Rapid progress in MIMO VLSI research has been somewhat slowed, according to Daneshrad, by a traditional disconnect between the digital IC researchers, who are primarily interested in working at the transistor level, and the communications experts, who are most interested in high level algorithmic definition and evaluation.

“That disconnect doesn’t exist at UCLA,” said Daneshrad. “We work closely with the Integrated Circuits and Systems Laboratory as well as the Communication Systems Laboratory. The underlying theme in our work is to successfully bridge the gap between theoretical and experimental aspects of wireless data communications.”

This close collaboration has produced tangible benefits. While most universities and research labs have theoreticians who design simulations or develop testbeds, UCLA is one of the few research institutions also working on real time VLSI circuit development. The main reason for the scant attention elsewhere, explains Daneshrad, is that the processing power required to realistically test the theories behind MIMO is “horrendous.”
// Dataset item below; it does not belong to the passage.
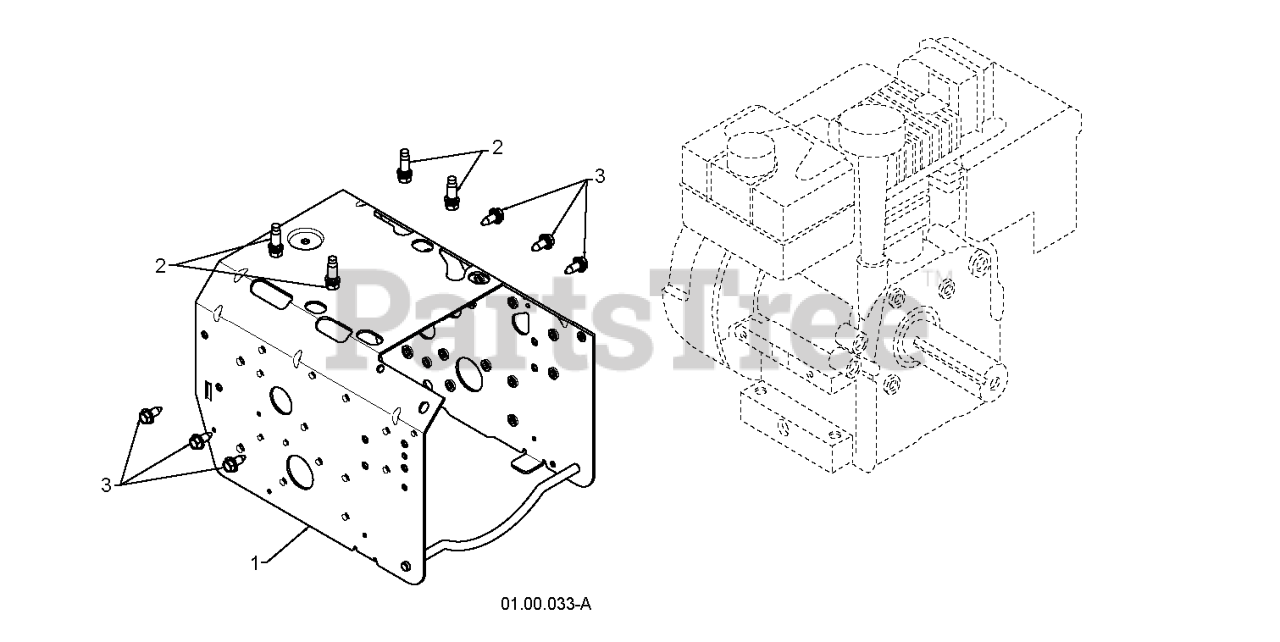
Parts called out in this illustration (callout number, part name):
1	FRAME.WELD.PNT.GEAR.ORANGE
2	BOLT 3/8-16X1-1/8
3	BOLT.HEX.HD.WASHER.5/16-18X.75
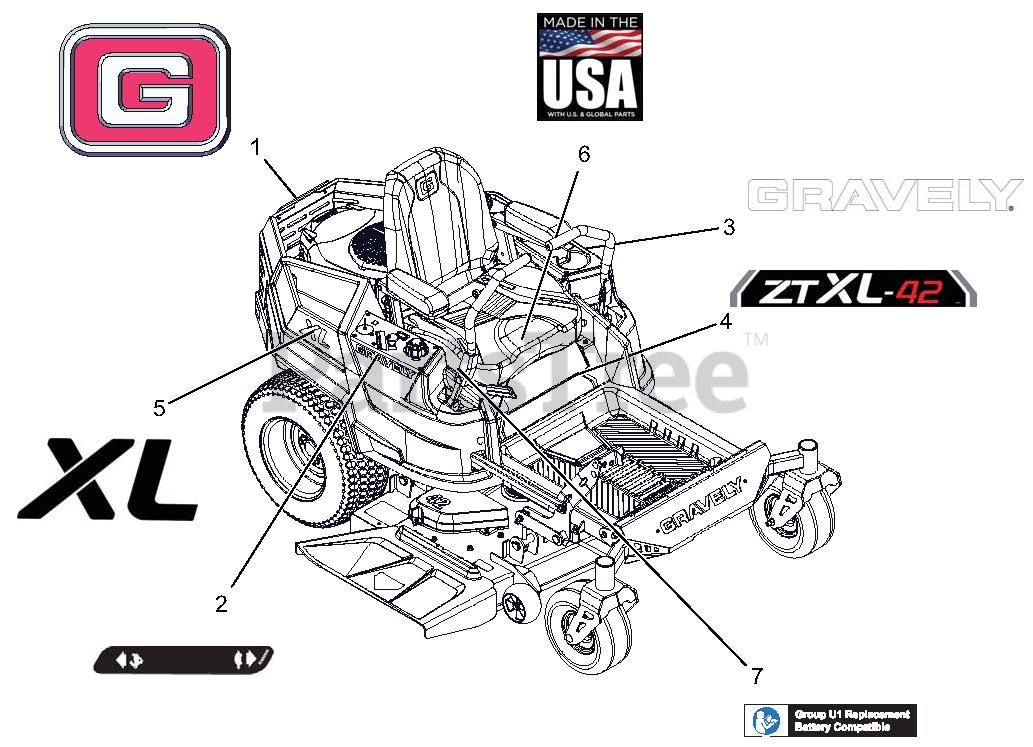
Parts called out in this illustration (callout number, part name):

“To do what we want to do would take about 20 high-end DSP chips. A cell phone runs on only one low-end DSP chip,” said Daneshrad. “So it is roughly 200 times more processing power than a cell phone.”

Daneshrad and his students are designing and testing their own ASICs (Application-Specific Integrated Circuits), which they hope will provide the processing power needed to make MIMO a viable technology for next generation mobile communication systems.

“Our chips have demonstrated that all the needed advanced algorithms can be incorporated in a highly power efficient ASIC solution,” said Daneshrad.

The key is to design ASIC architectures that minimize power consumption while supporting high data rates and while being sufficiently agile to enable MIMO communications in multiple standards. And Daneshrad is not interested in a solution that only works in a lab; he argues MIMO must be tested with today’s mobile technology devices in mind.

“You can use a whole suitcase of FPGA chips, use 20 fans to cool them and test out the algorithms, but we want a more realistic form factor. It has fit to into a portable device,” said Daneshrad.

In addition to low-power chip design, MIMO must be coupled with a modulation scheme such as QAM, DSSS-CDMA or OFDM, which stands for Orthogonal Frequency Division Multiplexing. OFDM has become the modulation of choice for next generation broadband data communications.

When a person speaks into a cell phone, her analog voice data is converted into a digital data – a series of 1s and 0s – and then compressed so it takes up less transmission space. Sophisticated modulation schemes are needed to convert analog information into digital, compress it, and then convert it back again while maintaining an acceptable level of voice quality.

Daneshrad uses OFDM, which is also commonly used in wireless LAN standards like 802.11a. The scheme operates through a divide-and-conquer approach, dividing bandwidth into many smaller subchannels which are placed arbitrarily close to each other. This makes OFDM a very efficient method for transmitting signals in multipath wireless channels.
Daneshrad is confident that MIMO technology represents the future for wireless communications systems, from next generation cellular systems to home and office multimedia networks.

“Over time, all wireless systems will go by way of MIMO, and that horizon might be in the next seven to 10 years,” said Daneshrad.